Stuff
Years ago, a dear friend said to me, “Three moves are as good as a fire.” She was updating old Ben Franklin (“three removes as are as bad as a fire”) as I was recounting our family’s many moves. We went from California to New York and back, with a summer stop in Colorado in one year. Then, suddenly we were gone to Texas the following year. Even with three children, we didn’t accumulate a lot of stuff with all those moves. We moved twice more before settling into the farm house we’d planned as our forever home. (Spoiler alert: it was not.)
Today, that meaning feels a little out of place against the Los Angeles wildfires. People there are grateful to escape with their lives, since at least 28 have died. They lost their homes and important belongings. Some were meaningful to a single family or small group, while other items were an important part of our creative life and history. Losing things in a wildfire gives them a different meaning.
We can accumulate a lot over a lifetime. Our family started amassing stuff after we settled into the farm house, especially with hand-me-downs from the family ranch. Mark’s grandmother had moved into a nursing home and his mother invited him to go get things we needed. He drove a U-Haul out to West Texas and filled it with furniture and other household goods. I doubt his Mio and Dio were thinking “family heirlooms” when they bought that ranch oak dining set and all the bedroom suites. But inheriting those things saved us thousands of dollars.
When Mark’s Aunt Regina died, it was time to clean out another family home. She lived in that house for 70 years, inheriting and acquiring a lot and culling very little. Preparing for the estate sale was painful. Friends and family helped, but we also had to change the locks after the housekeeper walked off with the firearms. Another gal wore out her welcome rifling through the storage shed. She took many, many items that she planned to use to open an antique store. And still a junk dealer needed a crew, two full-size pickups, a cargo trailer, and an entire day to empty that shed. And I filled another U-Haul with items from the house. We loved Regina dearly and she knew how to have fun, but we really didn’t need any of the things we brought home. Suddenly, my sewing room stash looked like the haberdashery on the Great British Sewing Bee. The Christmas closet overflowed with decor, so much so that we never again displayed it all.

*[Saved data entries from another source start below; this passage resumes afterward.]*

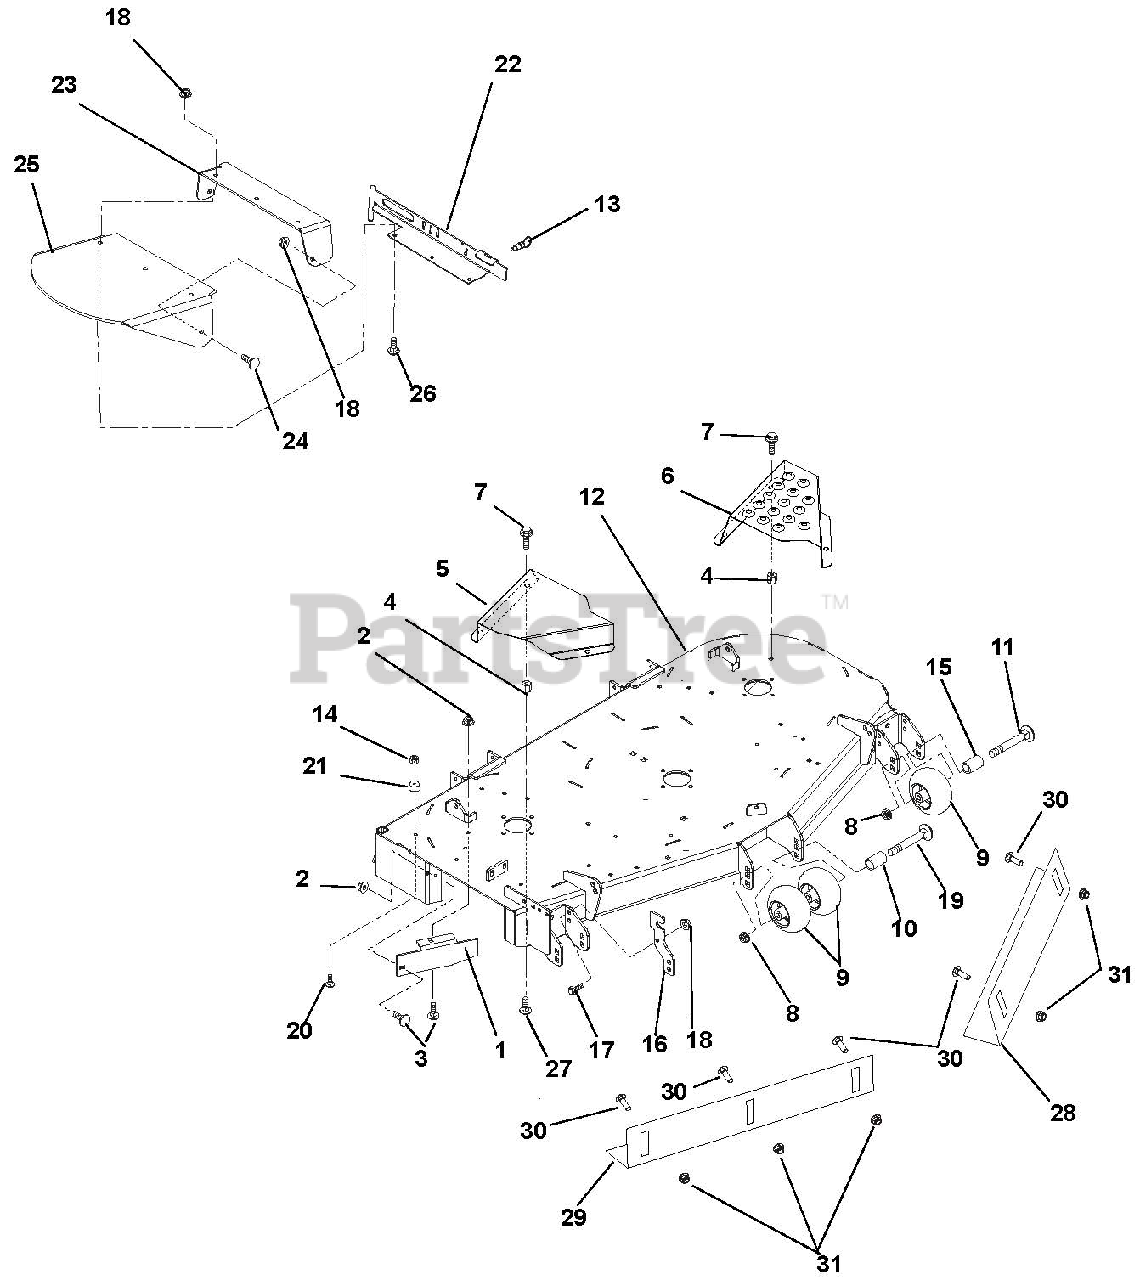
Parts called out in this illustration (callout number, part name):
1	60-in. Discharge Baffle
2	Nut, Nyloc Flange .31-18
3	Bolt, Round Head Square Neck .31-18 x 1.00 Grade 5
4	Nut, Heavy Hex .38-16
5	60" Spindle Guard Right Hand
6	60" Spindle Guard Left Hand
7	Nut, Spin Lock Flange .375-16
8	Nut .50-13 Nyloc Flange
9	Anti-Scalp Wheel
11	Bolt, Round Head Square Neck .50-13 x 5.00
12	60" Pro-Master 200 Side Discharge Deck Weldment
13	Pin, Plunger Pull .50-13 Thread x .310 Diameter
14	Nut, Locking Center .31-18
15	Spacer, .510 x .625 x 3.35
16	Chute, Storage Bracket
17	Bolt, Hex .38-16 x 1.00 Grade 5
18	Nut, .38-16 Nyloc Flange
19	Bolt, Round Head Square Neck .50-13 x 8.50
20	Bolt, Round Head Square Neck .31-18 x 1.50
21	Bumper, Recessed 1.50 x .63 , .31 Thru Hole
22	Weldment, 52"-60" Discharge Chute Mounting
23	Discharge Chute Support with Decal
24	Bolt, Round Head Square Neck .38-16 x 1.00 Grade 5
25	Chute, Rubber Discharge
26	Bolt, Round Head Square Neck .38-16 x 1.25 Grade 5
27	Bolt, Hex .38-16 x 1.25 Grade 5
28	Baffle, 60" Vacuum Left Hand
29	Baffle, 60" Vacuum Right Hand
30	Bolt, Round Head Square Neck .31-18 x .75 Grade 5
31	Nut, Lock Nyloc .31-18
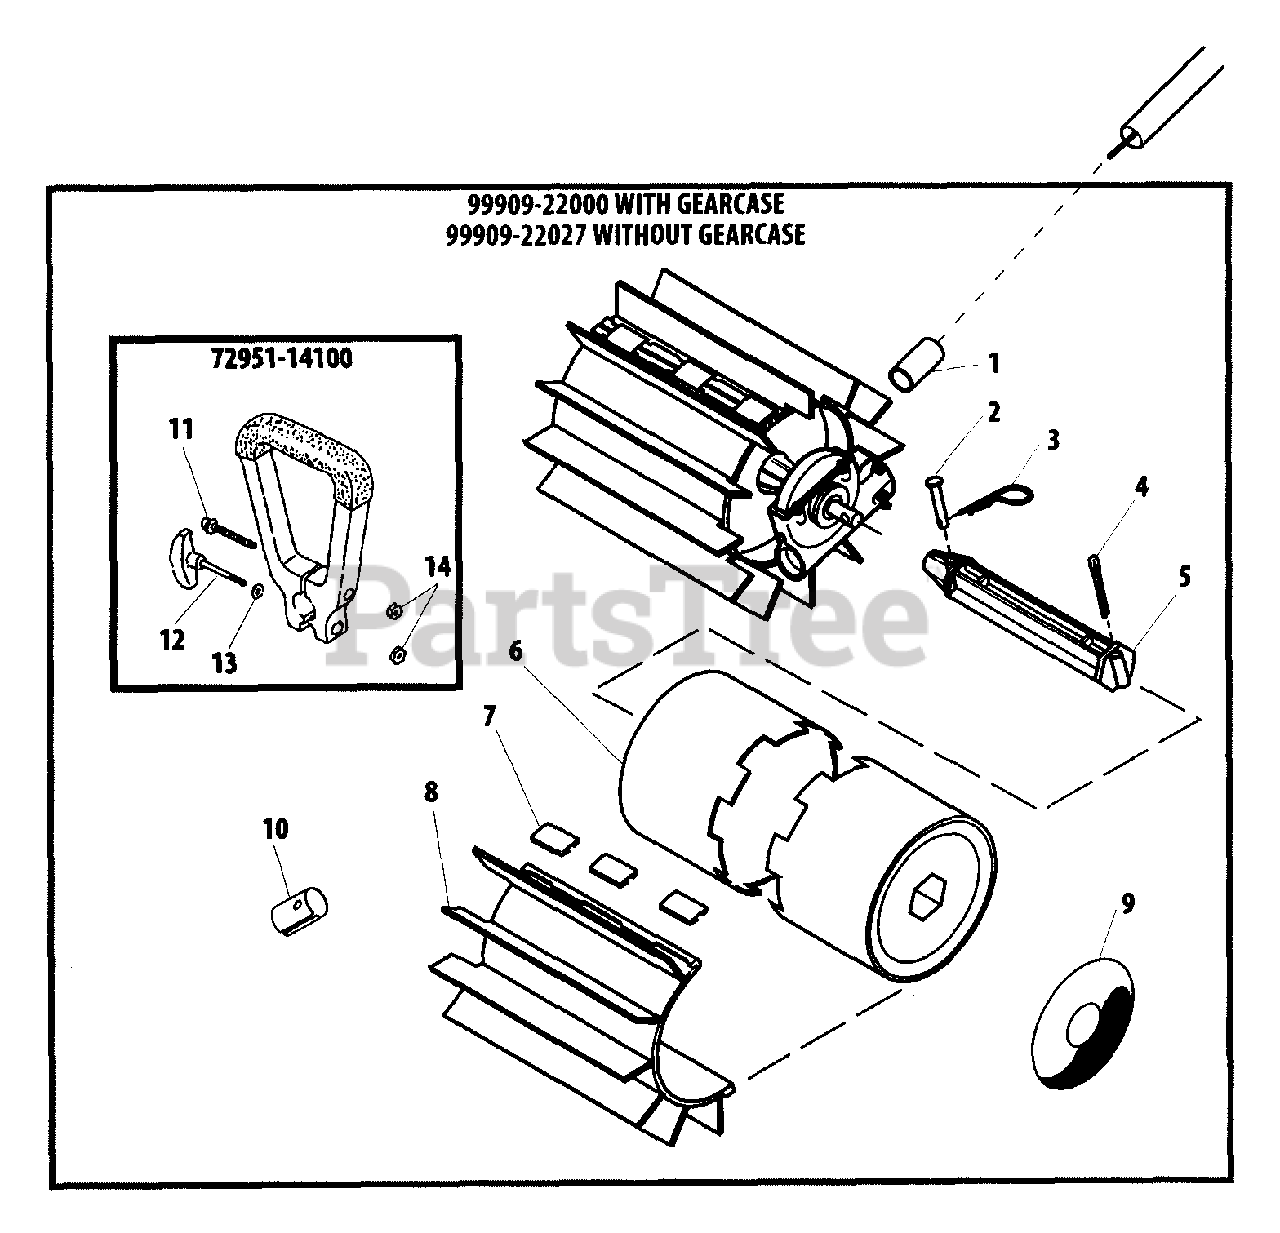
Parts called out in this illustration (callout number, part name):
1	TUBE PROTECTOR
2	CLEVIS PIN
3	PIN, HITCH
4	PIN, COTTER
5	AXLE, DRUM
6	HUB, DRUM
7	CLIP, BELT
8	BELT
10	SPACER
11	SCREW 6
12	KNOB, SCREW
13	WASHER 6
14	NUT, HEX M6
72951-14100	HANDLE ASSY
99909-22000	POWERBROOM CONVERSION KIT
99909-22027	B & D WITHOUT GEAR CASE
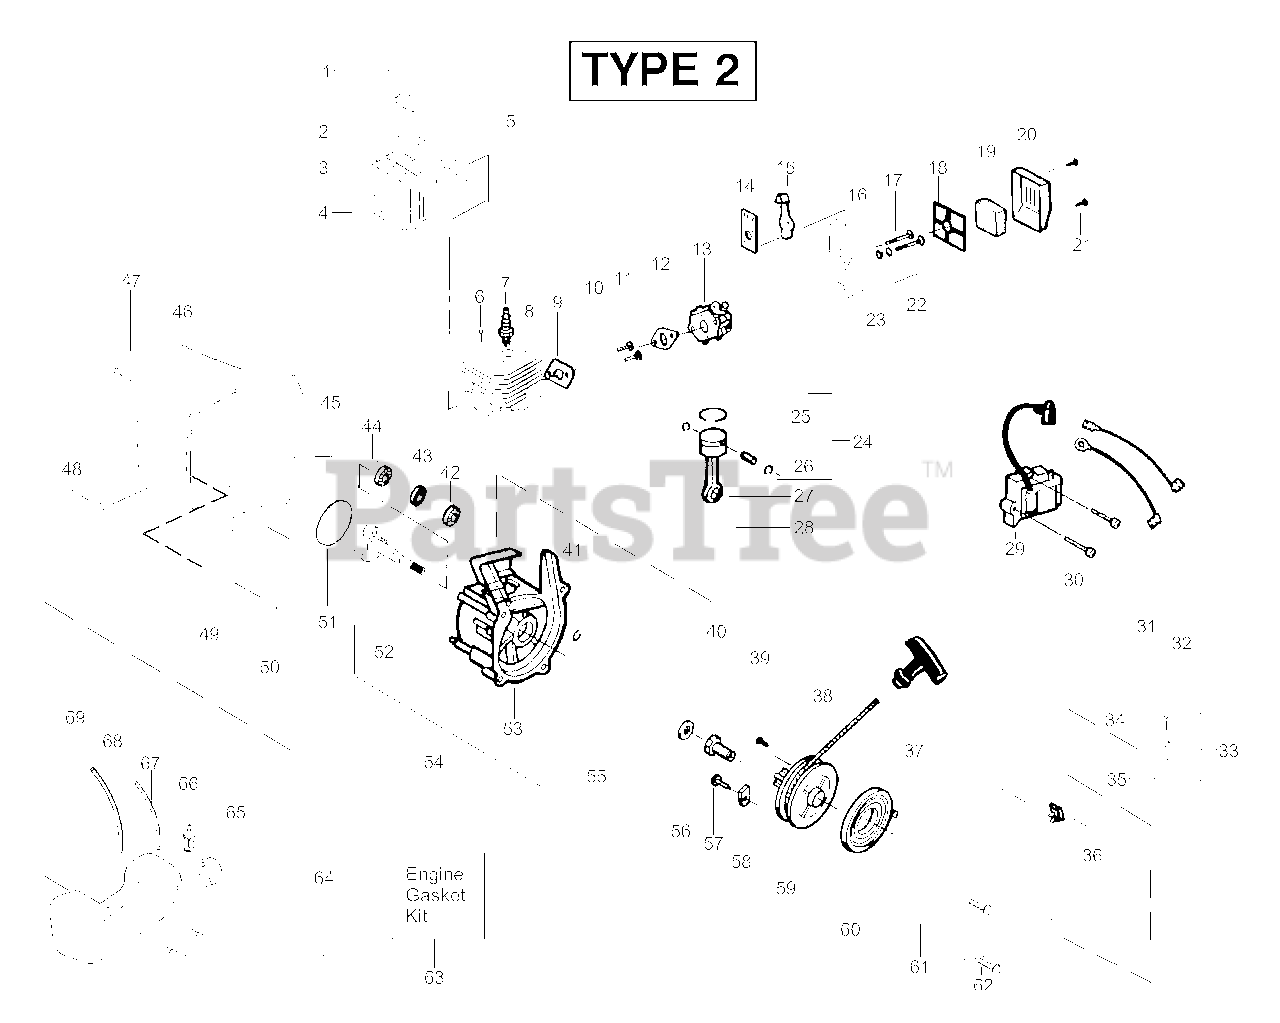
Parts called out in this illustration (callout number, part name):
1	Screw-Screen
2	Kit-Spark Arrestor
3	Kit-Muffler
4	Bolt-Muffler
5	Gasket-Muffler (kit)
6	Screw-Cylinder
7	Spark Plug (RCJ-6Y)
8	Kit - Cylinder
9	Gasket-Cyl./Carb. (kit)
10	Adapter-Carb.
12	Gasket-Carb. (kit)
13	Kit-Carb. (C1Q-W10B)
14	Choke Plate Mounting
15	Shutter-Choke
18	Plate - Filter Support
19	Foam-Air Filter
20	Cover-Air Filter
22	Spacer-Choke
24	Kit - Piston
25	Piston Ring
26	Retainer-Piston Pin
27	Assy-Connecting Rod
28	Seal-Cylinder (kit)
29	Ignition Module
31	Assy-Ground Wire
32	Assy-Leadwire
33	Assy-Nose Cone Clamp
34	Screw-Nose Cone
35	Nut-Nose Cone
36	Kit-Switch
37	Handle-Starter
38	Kit - Rope
40	Coupling-Drive
41	Retain. Ring-C'shaft
42	Outer Bearing
43	Kit-C'case Seal
44	Inner Bearing
45	Shroud-Rear
47	Screw
49	Shield-Heat
50	Screw
51	O-Ring-C'case (kit)
52	Assy-Crankshaft
53	Assy-Crankcase
54	Assy-C'case & C'shaft
55	Assy-Flywheel
56	Washer-Flat
58	Retainer-Can
59	Kit-Starter Pulley
60	Spring-Starter
61	Assy.-Fan Hsg
62	Screw
63	Kit-Engine Gasket
65	Assy-Fuel Cap
66	Assy-Fuel Pickup
67	Kit-Fuel Line (Small)
68	Kit-Fuel Line (Large)
69	Assy-Fuel Tank

Then, a friend called me for the same kind of help. A mutual friend had died. His only daughter was overwhelmed by the prospect of cleaning out his house. Three of us put on our work gloves to help. His kitchen appeared to have one of every item sold at Williams-Sonoma, including a jalapeno corer. At least two booksellers went through his collection and bought hundreds of titles, leaving hundreds more behind. It took weeks to prepare for the estate sale, including staging his late wife’s craft room like a pop-up creative reuse store. His daughter was happy to have distributed all of her father’s things in a meaningful way and still be able to pocket a few thousand dollars. But those back-to-back experiences were eye-opening.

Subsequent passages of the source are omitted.